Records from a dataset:
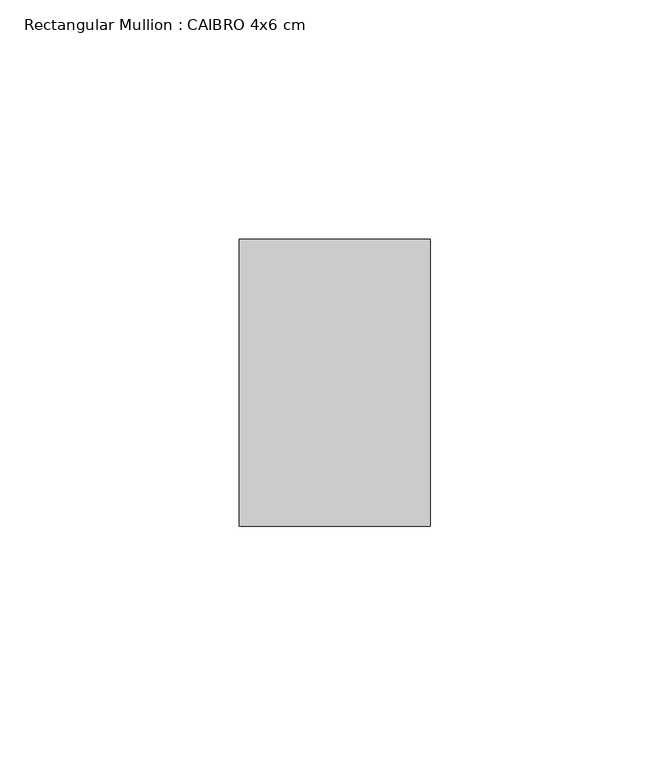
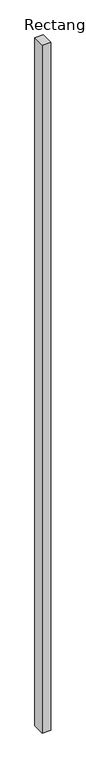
"""IFC4 building model written with IfcOpenShell, lengths in millimetres: member geometry, Rectangular Mullion : CAIBRO 4x6 cm."""

import ifcopenshell
import ifcopenshell.guid

model = None  # the IFC model being written
_history = None  # IfcOwnerHistory: only IFC2X3 demands one
_inside = {}  # id of a spatial element -> (the spatial element, [elements in it])
_under = {}  # id of a project, library or spatial element -> (it, [spatial elements below it])
_declared = {}  # id of a project -> (the project, [libraries it declares])
_typed = {}  # id of a type object -> (the type object, [elements of that type])
_made_of = {}  # id of a material, layer set ... -> (it, [elements and type objects made of it])


def new_model(schema):
    """Start an empty IFC model of exactly this schema.

    Asked for "IFC4X3", IfcOpenShell would pick the latest addendum, in which some entities
    have other attributes; the version numbers below select the first issue.
    IFC2X3 requires an IfcOwnerHistory on every rooted entity: one is made here for all.
    """
    global model, _history
    if schema == "IFC4X3":
        model = ifcopenshell.file(schema_version=(4, 3, 0, 0))
    else:
        model = ifcopenshell.file(schema=schema)
    _inside.clear()
    _under.clear()
    _declared.clear()
    _typed.clear()
    _made_of.clear()
    _history = None
    if model.schema == "IFC2X3":
        org = make("IfcOrganization", Name="unknown")
        user = make(
            "IfcPersonAndOrganization",
            ThePerson=make("IfcPerson", FamilyName="unknown"),
            TheOrganization=org,
        )
        app = make(
            "IfcApplication",
            ApplicationDeveloper=org,
            Version="unknown",
            ApplicationFullName="unknown",
            ApplicationIdentifier="unknown",
        )
        _history = make(
            "IfcOwnerHistory",
            OwningUser=user,
            OwningApplication=app,
            ChangeAction="ADDED",
            CreationDate=0,
        )
    return model


def make(cls, **values):
    """One entity of the class cls with the attributes given. An attribute that is None is left unset."""
    return model.create_entity(
        cls, **{name: value for name, value in values.items() if value is not None}
    )


def rooted(cls, **values):
    """An entity with a GlobalId (a new one), such as an element, a storey or a relation."""
    return make(cls, GlobalId=ifcopenshell.guid.new(), OwnerHistory=_history, **values)


def si_unit(unit_type, name, prefix=None):
    """IfcSIUnit, for example si_unit("LENGTHUNIT", "METRE", prefix="MILLI")."""
    return make("IfcSIUnit", UnitType=unit_type, Prefix=prefix, Name=name)


def assignment(units):
    """IfcUnitAssignment: the units of a project."""
    return None if units is None else make("IfcUnitAssignment", Units=units)


def point(xyz):
    """IfcCartesianPoint."""
    return None if xyz is None else make("IfcCartesianPoint", Coordinates=xyz)


def direction(xyz):
    """IfcDirection."""
    return None if xyz is None else make("IfcDirection", DirectionRatios=xyz)


def frame(location, z_axis=None, x_axis=None):
    """IfcAxis2Placement3D, a coordinate frame: its origin and axes. An axis left out is left unset."""
    return make(
        "IfcAxis2Placement3D",
        Location=point(location),
        Axis=direction(z_axis),
        RefDirection=direction(x_axis),
    )


def origin():
    """The frame at (0, 0, 0) with its axes left unset."""
    return frame((0.0, 0.0, 0.0))


def place(relative_to, where):
    """IfcLocalPlacement: puts the frame where relative to a parent placement (None: the world)."""
    return make(
        "IfcLocalPlacement", PlacementRelTo=relative_to, RelativePlacement=where
    )


def context(
    kind, dimensions, precision=None, world=None, true_north=None, identifier=None
):
    """IfcGeometricRepresentationContext, for example the 3D "Model" context."""
    return make(
        "IfcGeometricRepresentationContext",
        ContextIdentifier=identifier,
        ContextType=kind,
        CoordinateSpaceDimension=dimensions,
        Precision=precision,
        WorldCoordinateSystem=world,
        TrueNorth=true_north,
    )


def project(units=None, contexts=None):
    """IfcProject with its units and contexts."""
    return rooted(
        "IfcProject",
        Name="project",
        RepresentationContexts=contexts,
        UnitsInContext=assignment(units),
    )


def spatial(cls, under=None, at=None, **own):
    """A site, building, storey or space (cls), placed at a placement, below another one or the project."""
    s = rooted(cls, ObjectPlacement=at, **own)
    if under is not None:
        _under.setdefault(under.id(), (under, []))[1].append(s)
    return s


def polyline(points):
    """IfcPolyline through the points."""
    return make("IfcPolyline", Points=[point(p) for p in points])


def outline(outer, holes=None, kind="AREA"):
    """IfcArbitraryClosedProfileDef: a profile drawn as a closed curve; with holes, ...WithVoids."""
    if holes is None:
        return make("IfcArbitraryClosedProfileDef", ProfileType=kind, OuterCurve=outer)
    return make(
        "IfcArbitraryProfileDefWithVoids",
        ProfileType=kind,
        OuterCurve=outer,
        InnerCurves=holes,
    )


def extrude(swept, where, along, depth):
    """IfcExtrudedAreaSolid: the profile swept, set in the frame where, extruded along a direction by depth."""
    return make(
        "IfcExtrudedAreaSolid",
        SweptArea=swept,
        Position=where,
        ExtrudedDirection=direction(along),
        Depth=depth,
    )


def shape(context_of_items, identifier, shape_type, items):
    """IfcShapeRepresentation: the items that make up one representation, for example the "Body"."""
    return make(
        "IfcShapeRepresentation",
        ContextOfItems=context_of_items,
        RepresentationIdentifier=identifier,
        RepresentationType=shape_type,
        Items=items,
    )


def source(mapping_origin, context_of_items, identifier, shape_type, items):
    """IfcRepresentationMap: a shape defined once, which mapped items show again and again."""
    return make(
        "IfcRepresentationMap",
        MappingOrigin=mapping_origin,
        MappedRepresentation=shape(context_of_items, identifier, shape_type, items),
    )


def transform(
    local_origin,
    x_axis=None,
    y_axis=None,
    z_axis=None,
    scale=None,
    scale2=None,
    scale3=None,
    uniform=True,
):
    """IfcCartesianTransformationOperator3D, or its non-uniform kind. x_axis, y_axis, z_axis: its Axis1, 2, 3."""
    if uniform:
        return make(
            "IfcCartesianTransformationOperator3D",
            Axis1=direction(x_axis),
            Axis2=direction(y_axis),
            LocalOrigin=point(local_origin),
            Scale=scale,
            Axis3=direction(z_axis),
        )
    return make(
        "IfcCartesianTransformationOperator3DnonUniform",
        Axis1=direction(x_axis),
        Axis2=direction(y_axis),
        LocalOrigin=point(local_origin),
        Scale=scale,
        Axis3=direction(z_axis),
        Scale2=scale2,
        Scale3=scale3,
    )


def mapped(mapping_source, mapping_target):
    """IfcMappedItem: shows the shape of a source again, moved by a transform."""
    return make(
        "IfcMappedItem", MappingSource=mapping_source, MappingTarget=mapping_target
    )


def made_of(thing, what):
    """Note that an element or type object is made of a material, layer set ...; save() writes the relation."""
    if what is not None:
        _made_of.setdefault(what.id(), (what, []))[1].append(thing)
    return thing


def element(
    cls,
    number,
    at=None,
    inside=None,
    cuts=None,
    type_object=None,
    material=None,
    context=None,
    identifier="Body",
    shape_type=None,
    held_by="IfcProductDefinitionShape",
    body=None,
    shapes=None,
    **own,
):
    """One element of the class cls, such as IfcWall. Its Tag is "e" and its number.

    at: its placement. inside: the storey or other place that contains it. cuts: it is an
    opening in that element (IfcRelVoidsElement). A single representation is given by context,
    identifier, shape_type and body (its items); several are given by shapes. held_by: the class
    of the entity that holds the representations. save() writes the other relations.
    """
    e = rooted(cls, Tag="e%d" % number, ObjectPlacement=at, **own)
    if body is not None:
        shapes = [shape(context, identifier, shape_type, body)]
    if shapes is not None:
        e.Representation = make(held_by, Representations=shapes)
    if inside is not None:
        _inside.setdefault(inside.id(), (inside, []))[1].append(e)
    if cuts is not None:
        rooted(
            "IfcRelVoidsElement", RelatingBuildingElement=cuts, RelatedOpeningElement=e
        )
    if type_object is not None:
        _typed.setdefault(type_object.id(), (type_object, []))[1].append(e)
    return made_of(e, material)


def aggregate(whole, parts):
    """IfcRelAggregates: a whole, such as a stair, and the parts it consists of."""
    return rooted("IfcRelAggregates", RelatingObject=whole, RelatedObjects=parts)


def save(model, path):
    """Write the relations noted so far, then the file.

    IfcRelAggregates (storeys below a building ...), IfcRelContainedInSpatialStructure (elements
    in a storey), IfcRelDefinesByType, IfcRelAssociatesMaterial and IfcRelDeclares: one each for
    every whole, place, type object, material and project.
    """
    for whole, parts in _under.values():
        aggregate(whole, parts)
    for where, things in _inside.values():
        rooted(
            "IfcRelContainedInSpatialStructure",
            RelatedElements=things,
            RelatingStructure=where,
        )
    for kind, things in _typed.values():
        rooted("IfcRelDefinesByType", RelatedObjects=things, RelatingType=kind)
    for what, things in _made_of.values():
        rooted("IfcRelAssociatesMaterial", RelatedObjects=things, RelatingMaterial=what)
    for by, libraries in _declared.values():
        rooted("IfcRelDeclares", RelatingContext=by, RelatedDefinitions=libraries)
    model.write(path)


def rectangular_mullion_caibro_4x6_cm_f4ec4d87(model_context):
    return source(origin(), model_context, "Body", "SweptSolid", [
        extrude(outline(polyline([(0.0, 60.0), (0.0, 0.0), (-40.0, 0.0), (-40.0, 60.0), (0.0, 60.0)])), frame((0.0, 0.0, -3422.8694194), z_axis=(0.0, 0.0, 1.0), x_axis=(1.0, 0.0, 0.0)), (0.0, 0.0, 1.0), 3422.8694194),
    ])


if __name__ == "__main__":
    model = new_model("IFC4")
    model_context = context("Model", 3, world=origin())
    ifc_project = project(units=[si_unit("LENGTHUNIT", "METRE", prefix="MILLI")], contexts=[model_context])
    site = spatial("IfcSite", under=ifc_project)
    building = spatial("IfcBuilding", under=site)
    placement = place(None, origin())
    rectangular_mullion_caibro_4x6_cm_shape = rectangular_mullion_caibro_4x6_cm_f4ec4d87(model_context)
    element("IfcMember", 1, ObjectType="Rectangular Mullion : CAIBRO 4x6 cm", at=placement, inside=building, context=model_context, shape_type="MappedRepresentation", body=[
        mapped(rectangular_mullion_caibro_4x6_cm_shape, transform((0.0, 0.0, 0.0), x_axis=(1.0, 0.0, 0.0), y_axis=(0.0, 1.0, 0.0), z_axis=(0.0, 0.0, 1.0))),
    ])
    save(model, "model.ifc")

= YOUR TASK =
Only the lines above that hold "IfcCartesianPoint" are wanted. Show every one of them.

= RESULT FOR THIS TASK =
    """IfcCartesianPoint."""
    return None if xyz is None else make("IfcCartesianPoint", Coordinates=xyz)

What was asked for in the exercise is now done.